# Berghorst Enterprises Closes Doors



## ohprocessor (Mar 8, 2013)

Well they have faced the inevitable. Berghorst Enterprises also doing business as Heritage Home Solutions has closed its doors. Vendors were sent an email on Thursday stating because they lost Altisource as their one and only client, they are forced to shut it's doors-effective immediatey. No updates on pay etc! I sure hope with being on the board of directors and Secretary of NAMFS they pay the vendors they are owed.....

See below for email:

*Dear Vendors

We have been informed that Altisource will no longer be utilizing our services. They have not provided a reason even after repeated requests. We are in shock, as well as, I’m sure you are. 

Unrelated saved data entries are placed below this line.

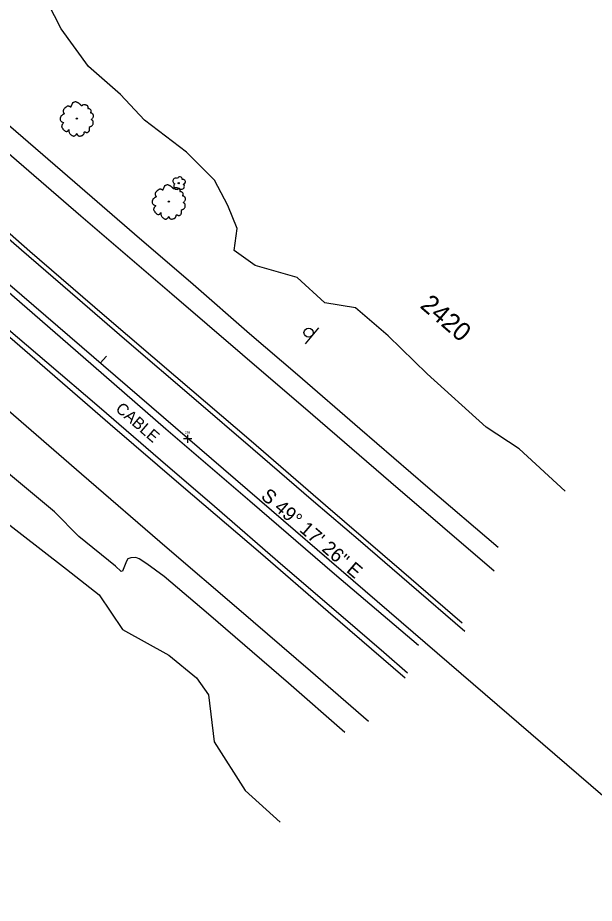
# Model space of a CAD drawing. Extents: x 2076109 to 2080761, y 592812 to 596750.
# Drawn here: x 2080011.7 to 2080260.2, y 593194 to 593575.6 of the extents above; entities that cross this region are included whole.
import ezdxf

# ---------------------------------------------------------------- set-up
doc = ezdxf.new("R2010")
doc.units = 0
for name, color, linetype in [('Default', 7, 'Continuous'), ('RD_EX_BldgApp', 7, 'Continuous'), ('RD_EX_GuardRail', 7, 'Continuous'), ('RD_EX_GuardRail_txCode', 7, 'Continuous'), ('RD_EX_Misc', 7, 'Continuous'), ('RD_EX_Road', 7, 'Continuous'), ('RD_EX_VEG', 7, 'Continuous'), ('RD_HC_Cl', 7, 'Continuous'), ('RD_HC_Data', 7, 'Continuous'), ('RD_HC_Data_Tic', 7, 'Continuous'), ('RD_HC_TX_Sta50', 7, 'Continuous')]:
    doc.layers.add(name, color=color, linetype=linetype)

msp = doc.modelspace()

# ---------------------------------------------------------------- linework, layer by layer
at = {"layer": 'Default'}
for p, q in [((2080084.9, 593395.9), (2080084.9, 593392.4)), ((2080084.9, 593395.9), (2080084.9, 593392.4)), ((2080086.65, 593394.15), (2080083.15, 593394.15)), ((2080086.65, 593394.15), (2080083.15, 593394.15))]:
    msp.add_line(p, q, dxfattribs=at)
at = {"layer": 'RD_EX_BldgApp'}
msp.add_line((2080135.68, 593435.15), (2080141.49, 593442.02), dxfattribs=at)
msp.add_line((2080135.68, 593435.15), (2080141.49, 593442.02), dxfattribs=at)
msp.add_circle((2080137.05, 593439.9), 2, dxfattribs=at)
msp.add_circle((2080137.05, 593439.9), 2, dxfattribs=at)
at = {"layer": 'RD_EX_GuardRail'}
msp.add_lwpolyline([(2080184.35, 593305.04), (2080148.2, 593335.86), (2080111.67, 593367.26), (2080075.44, 593398.3), (2080039.84, 593429.28), (2080003.46, 593460.74), (2079967.36, 593491.67), (2079919.17, 593532.83), (2079871.19, 593574.23), (2079835.53, 593605.02), (2079799.41, 593635.93), (2079763.16, 593666.95), (2079727.5, 593697.27), (2079690.37, 593729.2), (2079655.55, 593758.99), (2079608.01, 593799.67)], dxfattribs=at)
at = {"layer": 'RD_EX_Misc'}
for points in [[(2080217.04, 593337.18), (2080172.52, 593375.33), (2080138.87, 593404.33), (2080108.48, 593430.29), (2080078.14, 593456.52), (2080038.92, 593490.11), (2080009.05, 593515.98), (2079977.29, 593543.26), (2079946.15, 593570.28), (2079919.11, 593593.43), (2079890.41, 593617.97), (2079858.75, 593645.26), (2079821.86, 593677.15), (2079782.12, 593711.42), (2079735.64, 593751.71), (2079701.45, 593781.37), (2079664.35, 593813.72), (2079643.76, 593831.64)], [(2079627.11, 593812.28), (2079655.96, 593786.97), (2079692.98, 593754.86), (2079726.56, 593725.77), (2079758.83, 593697.63), (2079788.04, 593672.28), (2079811.24, 593652.3), (2079842, 593625.98), (2079868.07, 593603.53), (2079898.03, 593577.49), (2079923.97, 593555.11), (2079945.84, 593536.38), (2079972.92, 593513.01), (2079994.98, 593494.07), (2080016.85, 593475.02), (2080049.11, 593447.31), (2080079.81, 593420.95), (2080112.25, 593393.22), (2080144.25, 593365.64), (2080177.02, 593337.45), (2080203.16, 593314.91)], [(2080178.72, 593290.98), (2080145.52, 593319.67), (2080116.25, 593344.84), (2080082.12, 593374.03), (2080051.53, 593400.34), (2080021.2, 593426.66), (2079989.82, 593453.61), (2079954.27, 593484.21), (2079917.77, 593515.59), (2079872.88, 593554.03), (2079843.75, 593579.04), (2079811.01, 593607.11), (2079771.89, 593640.76), (2079736.28, 593671.46), (2079708.41, 593695.19), (2079678.65, 593720.6), (2079637.6, 593755.82), (2079606.82, 593782.2)], [(2079590.1, 593765.16), (2079617.13, 593742.26), (2079645.39, 593718.11), (2079673.76, 593693.67), (2079705.98, 593665.94), (2079741.28, 593635.42), (2079768.01, 593612.45), (2079794.32, 593589.74), (2079821.72, 593566.1), (2079850.25, 593541.52), (2079880.79, 593515.25), (2079909.32, 593490.67), (2079940.4, 593463.94), (2079966.11, 593441.94), (2079995.57, 593416.65), (2080039.13, 593379.08), (2080076.01, 593347.24), (2080106.97, 593320.7), (2080137.83, 593294.2), (2080162.8, 593272.51)]]:
    msp.add_lwpolyline(points, dxfattribs=at)
at = {"layer": 'RD_EX_Road'}
for points in [[(2079847.19, 593579.3), (2079876.99, 593553.77), (2079900.24, 593533.48), (2079923.68, 593513.62), (2079949.41, 593491.47), (2079974.36, 593470.03), (2079998.83, 593448.69), (2080024.15, 593427.25), (2080046.72, 593407.88), (2080073.17, 593385.13), (2080096.5, 593365.09), (2080125.99, 593339.59), (2080151.99, 593317.38), (2080169.44, 593302.21), (2080179.69, 593293.27)], [(2080204.43, 593311.21), (2080180.43, 593331.76), (2080159.45, 593349.86), (2080139.19, 593367.19), (2080113.07, 593389.68), (2080087.59, 593411.58), (2080058.73, 593436.21), (2080034.27, 593457.36), (2080013.24, 593475.51), (2079982.05, 593502.38), (2079952.67, 593527.69), (2079915.58, 593559.4), (2079891.77, 593580.17)], [(2079952.79, 593576.41), (2079973.53, 593558.52), (2079991.07, 593543.66), (2080010.86, 593526.69), (2080036.29, 593504.75), (2080061.97, 593482.54), (2080087.26, 593460.81), (2080111.58, 593439.6), (2080132.18, 593421.92), (2080159.11, 593398.54), (2080188.43, 593373.33), (2080218.73, 593347.44)], [(2080152.72, 593267.66), (2080128.39, 593288.81), (2080093.85, 593318.54), (2080074.78, 593334.89), (2080067.34, 593340.26), (2080064, 593342.46), (2080062.54, 593343.07), (2080060.4, 593342.84), (2080059.08, 593342.5), (2080058.49, 593341.44), (2080056.81, 593337.09), (2080056.21, 593336.92), (2080053.82, 593339.36), (2080038, 593352.02), (2080027.51, 593362.71), (2080013.69, 593374.25), (2079994.53, 593390.12)]]:
    msp.add_lwpolyline(points, dxfattribs=at)
at = {"layer": 'RD_EX_VEG'}
for points in [[(2080247.68, 593371.56), (2080227.73, 593389.81), (2080213.63, 593399.22), (2080188.12, 593422.2), (2080171.34, 593438.57), (2080157.25, 593450.56), (2080143.98, 593452.78), (2080132.06, 593463.64), (2080114, 593468.88), (2080104.89, 593475.28), (2080106.2, 593484.71), (2080102.2, 593494.65), (2080096.44, 593505.56), (2080084.44, 593517.6), (2080066.35, 593531.39), (2080055.91, 593542.46), (2080042.12, 593554.57), (2080030.41, 593570.81), (2080021.61, 593588.05), (2080015.74, 593597.76)], [(2079741.28, 593586.6), (2079759.63, 593573.33), (2079766.05, 593568.33), (2079784.04, 593551.85), (2079798.13, 593538.37), (2079815.23, 593521.73), (2079829.05, 593516.08), (2079860.88, 593485.4), (2079888.13, 593460.36), (2079900, 593443.24), (2079927, 593427.12), (2079947.52, 593409.93), (2079973.96, 593389.29), (2080002.41, 593361.36), (2080032.72, 593337.93), (2080046.73, 593326.92), (2080056.76, 593311.95), (2080076.73, 593300.98), (2080088.77, 593291.13), (2080093.96, 593283.85), (2080096.32, 593263.66), (2080109.67, 593242.67), (2080124.71, 593229.03)]]:
    msp.add_lwpolyline(points, dxfattribs=at)
for centre, radius in [((2080037.12, 593532.12), 0.25), ((2080037.12, 593532.12), 0.25), ((2080037.1, 593532.12), 0.0001), ((2080037.1, 593532.12), 0.0001), ((2080081.06, 593504.32), 0.25), ((2080081.06, 593504.32), 0.25), ((2080076.77, 593496.36), 0.25), ((2080076.77, 593496.36), 0.25), ((2080076.75, 593496.35), 0.0001), ((2080076.75, 593496.35), 0.0001)]:
    msp.add_circle(centre, radius, dxfattribs=at)
for centre, radius, start, end in [((2080079.78, 593505.22), 1.26, 55.6193, 253.9015), ((2080079.78, 593505.22), 1.26, 55.6193, 253.9015), ((2080081.53, 593505.96), 1.08, 354.1438, 163.9235), ((2080081.53, 593505.96), 1.08, 354.1438, 163.9235), ((2080082.97, 593504.92), 0.995, 267.9301, 111.2143), ((2080082.97, 593504.92), 0.995, 267.9301, 111.2143), ((2080080.2, 593502.95), 1.32, 126.0502, 324.9265), ((2080080.2, 593502.95), 1.32, 126.0502, 324.9265), ((2080082.27, 593502.9), 1.22, 215.7342, 57.2722), ((2080082.27, 593502.9), 1.22, 215.7342, 57.2722)]:
    msp.add_arc(centre, radius, start, end, dxfattribs=at)
for points in [[(2080041.91, 593537.46), (2080041.7, 593537.68), (2080041.39, 593537.81), (2080041.13, 593537.9), (2080040.91, 593537.99), (2080040.68, 593538.06), (2080040.34, 593538.13), (2080040.03, 593538.12), (2080039.78, 593538.01), (2080039.59, 593537.88), (2080039.37, 593537.7), (2080039.26, 593537.57), (2080039.15, 593537.63), (2080039.05, 593537.75), (2080038.91, 593537.97), (2080038.72, 593538.13), (2080038.53, 593538.3), (2080038.25, 593538.51), (2080037.99, 593538.73), (2080037.75, 593538.88), (2080037.47, 593539.05), (2080037.1, 593539.2), (2080036.76, 593539.34), (2080036.37, 593539.34), (2080035.87, 593539.15), (2080035.54, 593538.96), (2080035.27, 593538.87), (2080035.09, 593538.43), (2080034.99, 593538.05), (2080034.88, 593537.89), (2080034.66, 593537.52), (2080034.59, 593537.28), (2080034.55, 593537.05), (2080034.48, 593537.08), (2080034.16, 593537.29), (2080033.87, 593537.41), (2080033.4, 593537.51), (2080033.08, 593537.49), (2080032.79, 593537.31), (2080032.55, 593537.06), (2080032.34, 593536.98), (2080032.1, 593536.82), (2080032.04, 593536.78), (2080031.79, 593536.56), (2080031.57, 593536.16), (2080031.36, 593535.88), (2080031.31, 593535.62), (2080031.3, 593535.39), (2080031.27, 593535.09), (2080031.43, 593534.66), (2080031.61, 593534.37), (2080031.74, 593534.22), (2080031.28, 593533.96), (2080031.02, 593533.73), (2080030.66, 593533.51), (2080030.61, 593533.45), (2080030.27, 593533.12), (2080030.17, 593532.78), (2080029.98, 593532.45), (2080029.96, 593532.16), (2080029.97, 593531.75), (2080030.07, 593531.37), (2080030.37, 593530.95), (2080030.69, 593530.71), (2080031.24, 593530.46), (2080031.48, 593530.36), (2080031.34, 593530.24), (2080031.12, 593529.94), (2080030.84, 593529.62), (2080030.74, 593529.28), (2080030.64, 593529), (2080030.59, 593528.72), (2080030.68, 593528.33), (2080030.94, 593528.02), (2080031.16, 593527.62), (2080031.45, 593527.27), (2080031.81, 593526.93), (2080032.37, 593526.65), (2080032.66, 593526.56), (2080032.85, 593526.63), (2080033.24, 593526.78), (2080033.35, 593526.99), (2080033.76, 593527.42), (2080033.72, 593527.23), (2080033.63, 593526.85), (2080033.81, 593526.29), (2080034, 593525.9), (2080034.26, 593525.48), (2080034.44, 593525.22), (2080034.85, 593524.97), (2080035.18, 593524.78), (2080035.54, 593524.63), (2080035.95, 593524.64), (2080036.26, 593524.74), (2080036.48, 593524.91), (2080036.78, 593525.15), (2080036.93, 593525.25)], [(2080041.91, 593537.46), (2080041.7, 593537.68), (2080041.39, 593537.81), (2080041.13, 593537.9), (2080040.91, 593537.99), (2080040.68, 593538.06), (2080040.34, 593538.13), (2080040.03, 593538.12), (2080039.78, 593538.01), (2080039.59, 593537.88), (2080039.37, 593537.7), (2080039.26, 593537.57), (2080039.15, 593537.63), (2080039.05, 593537.75), (2080038.91, 593537.97), (2080038.72, 593538.13), (2080038.53, 593538.3), (2080038.25, 593538.51), (2080037.99, 593538.73), (2080037.75, 593538.88), (2080037.47, 593539.05), (2080037.1, 593539.2), (2080036.76, 593539.34), (2080036.37, 593539.34), (2080035.87, 593539.15), (2080035.54, 593538.96), (2080035.27, 593538.87), (2080035.09, 593538.43), (2080034.99, 593538.05), (2080034.88, 593537.89), (2080034.66, 593537.52), (2080034.59, 593537.28), (2080034.55, 593537.05), (2080034.48, 593537.08), (2080034.16, 593537.29), (2080033.87, 593537.41), (2080033.4, 593537.51), (2080033.08, 593537.49), (2080032.79, 593537.31), (2080032.55, 593537.06), (2080032.34, 593536.98), (2080032.1, 593536.82), (2080032.04, 593536.78), (2080031.79, 593536.56), (2080031.57, 593536.16), (2080031.36, 593535.88), (2080031.31, 593535.62), (2080031.3, 593535.39), (2080031.27, 593535.09), (2080031.43, 593534.66), (2080031.61, 593534.37), (2080031.74, 593534.22), (2080031.28, 593533.96), (2080031.02, 593533.73), (2080030.66, 593533.51), (2080030.61, 593533.45), (2080030.27, 593533.12), (2080030.17, 593532.78), (2080029.98, 593532.45), (2080029.96, 593532.16), (2080029.97, 593531.75), (2080030.07, 593531.37), (2080030.37, 593530.95), (2080030.69, 593530.71), (2080031.24, 593530.46), (2080031.48, 593530.36), (2080031.34, 593530.24), (2080031.12, 593529.94), (2080030.84, 593529.62), (2080030.74, 593529.28), (2080030.64, 593529), (2080030.59, 593528.72), (2080030.68, 593528.33), (2080030.94, 593528.02), (2080031.16, 593527.62), (2080031.45, 593527.27), (2080031.81, 593526.93), (2080032.37, 593526.65), (2080032.66, 593526.56), (2080032.85, 593526.63), (2080033.24, 593526.78), (2080033.35, 593526.99), (2080033.76, 593527.42), (2080033.72, 593527.23), (2080033.63, 593526.85), (2080033.81, 593526.29), (2080034, 593525.9), (2080034.26, 593525.48), (2080034.44, 593525.22), (2080034.85, 593524.97), (2080035.18, 593524.78), (2080035.54, 593524.63), (2080035.95, 593524.64), (2080036.26, 593524.74), (2080036.48, 593524.91), (2080036.78, 593525.15), (2080036.93, 593525.25)], [(2080036.93, 593525.25), (2080036.99, 593525.43), (2080037.12, 593525.65), (2080037.16, 593525.58), (2080037.26, 593525.43), (2080037.38, 593525.15), (2080037.5, 593524.95), (2080037.77, 593524.76), (2080038.04, 593524.65), (2080038.56, 593524.57), (2080039.08, 593524.75), (2080039.55, 593524.87), (2080039.82, 593525.07), (2080039.93, 593525.27), (2080040.23, 593525.66), (2080040.25, 593525.98), (2080040.29, 593526.11), (2080040.48, 593526.48), (2080040.57, 593526.47), (2080040.81, 593526.32), (2080041.17, 593526.17), (2080041.46, 593526.09), (2080041.75, 593526.07), (2080041.95, 593526.2), (2080042.19, 593526.51), (2080042.49, 593526.78), (2080042.53, 593526.95), (2080042.55, 593527.13), (2080042.63, 593527.33), (2080042.61, 593527.54), (2080042.64, 593527.72), (2080042.63, 593527.86), (2080042.63, 593528.05), (2080042.58, 593528.26), (2080042.5, 593528.4), (2080042.56, 593528.54), (2080042.8, 593528.6), (2080042.9, 593528.64), (2080043.07, 593528.79), (2080043.47, 593528.91), (2080043.77, 593529.18), (2080044.01, 593529.53), (2080044.15, 593529.78), (2080044.22, 593530.08), (2080044.23, 593530.4), (2080044.25, 593530.62), (2080044.2, 593530.82), (2080044.03, 593531.13), (2080043.88, 593531.33), (2080043.61, 593531.56), (2080043.49, 593531.73), (2080043.55, 593531.75), (2080043.64, 593531.86), (2080043.82, 593532.07), (2080044.06, 593532.46), (2080044.27, 593532.94), (2080044.29, 593532.96), (2080044.38, 593533.21), (2080044.34, 593533.51), (2080044.27, 593533.7), (2080044.2, 593533.92), (2080044.03, 593534.11), (2080043.8, 593534.3), (2080043.56, 593534.44), (2080043.35, 593534.5), (2080043.13, 593534.52), (2080043.17, 593534.68), (2080043.29, 593534.97), (2080043.35, 593535.12), (2080043.35, 593535.35), (2080043.32, 593535.65), (2080043.06, 593536.04), (2080042.53, 593536.39), (2080042.18, 593536.43), (2080041.95, 593536.4), (2080041.99, 593536.53), (2080041.97, 593536.81), (2080042.01, 593537.01), (2080041.96, 593537.22), (2080041.91, 593537.39), (2080041.87, 593537.49)], [(2080036.93, 593525.25), (2080036.99, 593525.43), (2080037.12, 593525.65), (2080037.16, 593525.58), (2080037.26, 593525.43), (2080037.38, 593525.15), (2080037.5, 593524.95), (2080037.77, 593524.76), (2080038.04, 593524.65), (2080038.56, 593524.57), (2080039.08, 593524.75), (2080039.55, 593524.87), (2080039.82, 593525.07), (2080039.93, 593525.27), (2080040.23, 593525.66), (2080040.25, 593525.98), (2080040.29, 593526.11), (2080040.48, 593526.48), (2080040.57, 593526.47), (2080040.81, 593526.32), (2080041.17, 593526.17), (2080041.46, 593526.09), (2080041.75, 593526.07), (2080041.95, 593526.2), (2080042.19, 593526.51), (2080042.49, 593526.78), (2080042.53, 593526.95), (2080042.55, 593527.13), (2080042.63, 593527.33), (2080042.61, 593527.54), (2080042.64, 593527.72), (2080042.63, 593527.86), (2080042.63, 593528.05), (2080042.58, 593528.26), (2080042.5, 593528.4), (2080042.56, 593528.54), (2080042.8, 593528.6), (2080042.9, 593528.64), (2080043.07, 593528.79), (2080043.47, 593528.91), (2080043.77, 593529.18), (2080044.01, 593529.53), (2080044.15, 593529.78), (2080044.22, 593530.08), (2080044.23, 593530.4), (2080044.25, 593530.62), (2080044.2, 593530.82), (2080044.03, 593531.13), (2080043.88, 593531.33), (2080043.61, 593531.56), (2080043.49, 593531.73), (2080043.55, 593531.75), (2080043.64, 593531.86), (2080043.82, 593532.07), (2080044.06, 593532.46), (2080044.27, 593532.94), (2080044.29, 593532.96), (2080044.38, 593533.21), (2080044.34, 593533.51), (2080044.27, 593533.7), (2080044.2, 593533.92), (2080044.03, 593534.11), (2080043.8, 593534.3), (2080043.56, 593534.44), (2080043.35, 593534.5), (2080043.13, 593534.52), (2080043.17, 593534.68), (2080043.29, 593534.97), (2080043.35, 593535.12), (2080043.35, 593535.35), (2080043.32, 593535.65), (2080043.06, 593536.04), (2080042.53, 593536.39), (2080042.18, 593536.43), (2080041.95, 593536.4), (2080041.99, 593536.53), (2080041.97, 593536.81), (2080042.01, 593537.01), (2080041.96, 593537.22), (2080041.91, 593537.39), (2080041.87, 593537.49)], [(2080081.56, 593501.69), (2080081.35, 593501.91), (2080081.04, 593502.04), (2080080.78, 593502.13), (2080080.56, 593502.22), (2080080.33, 593502.29), (2080079.99, 593502.36), (2080079.69, 593502.35), (2080079.43, 593502.25), (2080079.24, 593502.11), (2080079.03, 593501.93), (2080078.91, 593501.8), (2080078.8, 593501.86), (2080078.7, 593501.98), (2080078.56, 593502.2), (2080078.37, 593502.36), (2080078.18, 593502.53), (2080077.9, 593502.74), (2080077.64, 593502.97), (2080077.4, 593503.11), (2080077.12, 593503.28), (2080076.75, 593503.43), (2080076.41, 593503.57), (2080076.02, 593503.57), (2080075.52, 593503.38), (2080075.19, 593503.19), (2080074.92, 593503.1), (2080074.74, 593502.67), (2080074.64, 593502.29), (2080074.53, 593502.12), (2080074.31, 593501.75), (2080074.24, 593501.51), (2080074.2, 593501.28), (2080074.13, 593501.31), (2080073.81, 593501.52), (2080073.52, 593501.64), (2080073.05, 593501.75), (2080072.73, 593501.72), (2080072.45, 593501.54), (2080072.2, 593501.29), (2080071.99, 593501.21), (2080071.75, 593501.05), (2080071.69, 593501.01), (2080071.44, 593500.79), (2080071.22, 593500.39), (2080071.01, 593500.11), (2080070.96, 593499.86), (2080070.95, 593499.63), (2080070.92, 593499.32), (2080071.08, 593498.89), (2080071.26, 593498.6), (2080071.39, 593498.45), (2080070.94, 593498.19), (2080070.67, 593497.96), (2080070.31, 593497.74), (2080070.26, 593497.68), (2080069.92, 593497.35), (2080069.82, 593497.01), (2080069.63, 593496.68), (2080069.61, 593496.39), (2080069.63, 593495.99), (2080069.72, 593495.6), (2080070.02, 593495.18), (2080070.34, 593494.94), (2080070.89, 593494.7), (2080071.13, 593494.59), (2080070.99, 593494.47), (2080070.77, 593494.17), (2080070.49, 593493.85), (2080070.39, 593493.51), (2080070.29, 593493.23), (2080070.24, 593492.95), (2080070.34, 593492.56), (2080070.59, 593492.25), (2080070.81, 593491.86), (2080071.1, 593491.5), (2080071.47, 593491.16), (2080072.02, 593490.88), (2080072.31, 593490.8), (2080072.5, 593490.86), (2080072.89, 593491.02), (2080073, 593491.22), (2080073.41, 593491.66), (2080073.37, 593491.46), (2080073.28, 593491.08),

As Altisource was our only client, this leaves us with no business going forward; therefore, we regretfully have made the decision to close both Heritage Home Solutions LLC and Berghorst Enterprises, LLC, effective immediately. 

Please discontinue any work being performed on Altisource properties and turn in what you have completed by midnight tonight. 

Thank you,

Heather Berghorst*


----------



## GTX63 (Apr 12, 2012)

ohprocessor said:


> *Dear Vendors
> 
> As Altisource was our only client, this leaves us with no business going forward;
> Thank you,
> ...


The result of being tooled up to manufacture only cobalt blue semi gloss capped flathead screws. 

While you were pulling the curtains closed for the last time, did you happen to notice all of the landscape trailers and contractor trucks going by? It's a big world out there.


----------



## Craigslist Hack (Jun 14, 2012)

This is great news now if only a few more would go with them.


----------



## K&L preservation (Oct 28, 2013)

Hahahahaha. This made my lunch break even better! I hope all the contractors go after them full force.. :thumbup:


----------



## Cleanupman (Nov 23, 2012)

If anyone needs assistance with collections contact me I can put you intouch with a gal that works on commissions and will work with you guys...


----------



## BPWY (Apr 12, 2012)

And there we have it kids................. I've been pounding and pounding the diversify pulpit for several years.
Think it can't happen to the end user? aka you? think again.

This is why you do not have just one client, this is why you do not have one type of work in your income stream.


----------